▸ **WHAT THE TASK ASKS**
Look through the data below and return each line where "linetype" appears.

▸ **MATERIAL SHOWN**
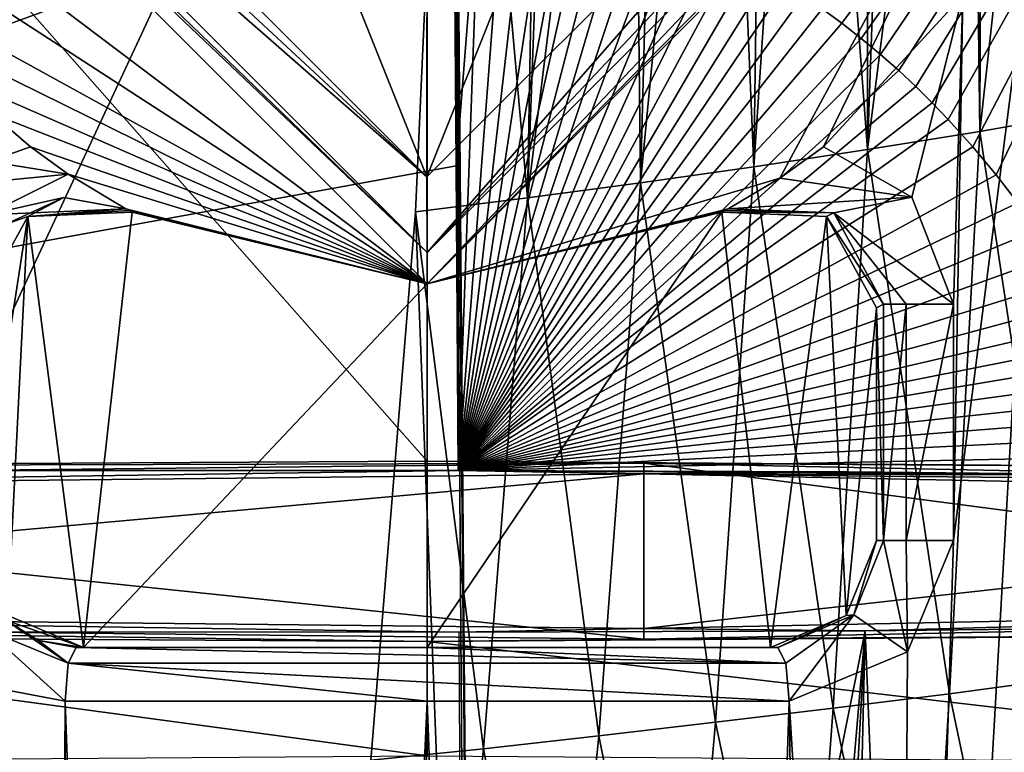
# Model space of a CAD drawing. Extents: x -250 to 250, y -430 to 356.
# Tile 521 of 656: x 221.19 to 230.39, y -376.58 to -369.73. Entities that reach past the tile are written whole.
import ezdxf

# ---------------------------------------------------------------- set-up
doc = ezdxf.new("R2010")
doc.units = 0
doc.header["$LTSCALE"] = 26.699852
for name, color, linetype in [('4389', 7, 'CONTINUOUS'), ('4401', 7, 'CONTINUOUS'), ('4424', 7, 'CONTINUOUS'), ('4430', 7, 'CONTINUOUS'), ('4462', 7, 'CONTINUOUS'), ('4530', 7, 'CONTINUOUS'), ('4540', 7, 'CONTINUOUS'), ('4600', 7, 'CONTINUOUS'), ('4626', 7, 'CONTINUOUS'), ('4692', 7, 'CONTINUOUS'), ('4702', 7, 'CONTINUOUS'), ('4703', 7, 'CONTINUOUS'), ('4711', 7, 'CONTINUOUS'), ('4734', 7, 'CONTINUOUS'), ('4740', 7, 'CONTINUOUS'), ('4753', 7, 'CONTINUOUS'), ('4769', 7, 'CONTINUOUS'), ('4774', 7, 'CONTINUOUS'), ('4775', 7, 'CONTINUOUS'), ('4784', 7, 'CONTINUOUS'), ('4812', 7, 'CONTINUOUS'), ('4818', 7, 'CONTINUOUS'), ('4831', 7, 'CONTINUOUS'), ('4884', 7, 'CONTINUOUS'), ('4902', 7, 'CONTINUOUS'), ('4915', 7, 'CONTINUOUS'), ('4919', 7, 'CONTINUOUS'), ('4950', 7, 'CONTINUOUS'), ('4958', 7, 'CONTINUOUS'), ('5004', 7, 'CONTINUOUS'), ('5010', 7, 'CONTINUOUS'), ('5064', 7, 'CONTINUOUS'), ('5113', 7, 'CONTINUOUS'), ('5117', 7, 'CONTINUOUS')]:
    doc.layers.add(name, color=color, linetype=linetype)

msp = doc.modelspace()

# ---------------------------------------------------------------- linework, layer by layer
at = {"layer": '4389', "color": 7, "linetype": 'CONTINUOUS'}
msp.add_3dface([(220.9321, -370.6105, -15.4743), (221.2954, -370.9197, -15.5652), (220.9056, -371.0566, -15.4673), (220.9321, -370.6105, -15.4743)], dxfattribs=at)
at = {"layer": '4401', "color": 7, "linetype": 'CONTINUOUS'}
for points in [[(221.0647, -371.6434, -14.9182), (221.6054, -371.3927, -15.1194), (221.2697, -371.572, -13.0784), (221.0647, -371.6434, -14.9182)], [(221.6054, -371.3927, -15.1194), (222.1872, -371.4998, -15.284), (221.2697, -371.572, -13.0784), (221.6054, -371.3927, -15.1194)], [(222.1872, -371.4998, -15.284), (222.2166, -371.5153, -14.2979), (221.2697, -371.572, -13.0784), (222.1872, -371.4998, -15.284)], [(220.7998, -372.4253, -12.9352), (221.0647, -371.6434, -14.9182), (221.2697, -371.572, -13.0784), (220.7998, -372.4253, -12.9352)], [(222.2166, -371.5153, -14.2979), (222.246, -371.5306, -13.3182), (221.2697, -371.572, -13.0784), (222.2166, -371.5153, -14.2979)]]:
    msp.add_3dface(points, dxfattribs=at)
at = {"layer": '4424', "color": 7, "linetype": 'CONTINUOUS'}
for points in [[(227.7842, -371.5149, -14.2977), (227.8136, -371.4994, -15.2839), (228.8001, -371.5386, -14.9732), (227.7842, -371.5149, -14.2977)], [(227.7548, -371.5302, -13.3181), (227.7842, -371.5149, -14.2977), (228.8001, -371.5386, -14.9732), (227.7548, -371.5302, -13.3181)], [(228.7322, -371.5721, -13.0779), (227.7548, -371.5302, -13.3181), (228.8001, -371.5386, -14.9732), (228.7322, -371.5721, -13.0779)], [(229.2651, -372.3915, -14.7669), (228.7322, -371.5721, -13.0779), (228.8001, -371.5386, -14.9732), (229.2651, -372.3915, -14.7669)], [(229.2651, -372.3915, -14.7669), (229.2012, -372.4248, -12.9348), (228.7322, -371.5721, -13.0779), (229.2651, -372.3915, -14.7669)]]:
    msp.add_3dface(points, dxfattribs=at)
at = {"layer": '4430', "color": 7, "linetype": 'CONTINUOUS'}
for points in [[(228.9166, -375.3016, -13.0238), (229.2012, -374.6, -12.9348), (228.9872, -375.2961, -14.8908), (228.9166, -375.3016, -13.0238)], [(228.9872, -375.2961, -14.8908), (229.2012, -374.6, -12.9348), (229.2651, -374.6, -14.7669), (228.9872, -375.2961, -14.8908)], [(228.2779, -375.6, -15.1494), (228.2104, -375.6, -13.2157), (228.9166, -375.3016, -13.0238), (228.2779, -375.6, -15.1494)], [(228.2779, -375.6, -15.1494), (228.9166, -375.3016, -13.0238), (228.9872, -375.2961, -14.8908), (228.2779, -375.6, -15.1494)]]:
    msp.add_3dface(points, dxfattribs=at)
at = {"layer": '4462', "color": 7, "linetype": 'CONTINUOUS'}
for points in [[(228.7053, -370.9192, -15.565), (229.531, -371.3922, -15.345), (228.2965, -371.2133, -15.5322), (228.7053, -370.9192, -15.565)], [(229.531, -371.3922, -15.345), (227.8136, -371.4994, -15.2839), (228.2965, -371.2133, -15.5322), (229.531, -371.3922, -15.345)], [(227.8136, -371.4994, -15.2839), (229.531, -371.3922, -15.345), (228.8001, -371.5386, -14.9732), (227.8136, -371.4994, -15.2839)], [(229.531, -371.3922, -15.345), (229.9185, -372.3915, -15.2252), (228.8001, -371.5386, -14.9732), (229.531, -371.3922, -15.345)], [(229.2651, -372.3915, -14.7669), (228.8001, -371.5386, -14.9732), (229.4776, -372.3915, -15.1587), (229.2651, -372.3915, -14.7669)], [(228.8001, -371.5386, -14.9732), (229.9185, -372.3915, -15.2252), (229.4776, -372.3915, -15.1587), (228.8001, -371.5386, -14.9732)]]:
    msp.add_3dface(points, dxfattribs=at)
at = {"layer": '4530', "color": 7, "linetype": 'CONTINUOUS'}
for points in [[(229.4883, -375.6419, -15.3576), (228.9872, -375.2961, -14.8908), (229.2651, -374.6, -14.7669), (229.4883, -375.6419, -15.3576)], [(229.4883, -375.6419, -15.3576), (229.2651, -374.6, -14.7669), (229.4761, -374.6, -15.1577), (229.4883, -375.6419, -15.3576)], [(229.9185, -374.6, -15.2252), (229.4883, -375.6419, -15.3576), (229.4761, -374.6, -15.1577), (229.9185, -374.6, -15.2252)], [(228.2779, -375.6, -15.1494), (228.9872, -375.2961, -14.8908), (228.3526, -375.7464, -15.495), (228.2779, -375.6, -15.1494)], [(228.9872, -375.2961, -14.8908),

▸ **RESPONSE AREA**
for name, color, linetype in [('4389', 7, 'CONTINUOUS'), ('4401', 7, 'CONTINUOUS'), ('4424', 7, 'CONTINUOUS'), ('4430', 7, 'CONTINUOUS'), ('4462', 7, 'CONTINUOUS'), ('4530', 7, 'CONTINUOUS'), ('4540', 7, 'CONTINUOUS'), ('4600', 7, 'CONTINUOUS'), ('4626', 7, 'CONTINUOUS'), ('4692', 7, 'CONTINUOUS'), ('4702', 7, 'CONTINUOUS'), ('4703', 7, 'CONTINUOUS'), ('4711', 7, 'CONTINUOUS'), ('4734', 7, 'CONTINUOUS'), ('4740', 7, 'CONTINUOUS'), ('4753', 7, 'CONTINUOUS'), ('4769', 7, 'CONTINUOUS'), ('4774', 7, 'CONTINUOUS'), ('4775', 7, 'CONTINUOUS'), ('4784', 7, 'CONTINUOUS'), ('4812', 7, 'CONTINUOUS'), ('4818', 7, 'CONTINUOUS'), ('4831', 7, 'CONTINUOUS'), ('4884', 7, 'CONTINUOUS'), ('4902', 7, 'CONTINUOUS'), ('4915', 7, 'CONTINUOUS'), ('4919', 7, 'CONTINUOUS'), ('4950', 7, 'CONTINUOUS'), ('4958', 7, 'CONTINUOUS'), ('5004', 7, 'CONTINUOUS'), ('5010', 7, 'CONTINUOUS'), ('5064', 7, 'CONTINUOUS'), ('5113', 7, 'CONTINUOUS'), ('5117', 7, 'CONTINUOUS')]:
    doc.layers.add(name, color=color, linetype=linetype)
at = {"layer": '4389', "color": 7, "linetype": 'CONTINUOUS'}
at = {"layer": '4401', "color": 7, "linetype": 'CONTINUOUS'}
at = {"layer": '4424', "color": 7, "linetype": 'CONTINUOUS'}
at = {"layer": '4430', "color": 7, "linetype": 'CONTINUOUS'}
at = {"layer": '4462', "color": 7, "linetype": 'CONTINUOUS'}
at = {"layer": '4530', "color": 7, "linetype": 'CONTINUOUS'}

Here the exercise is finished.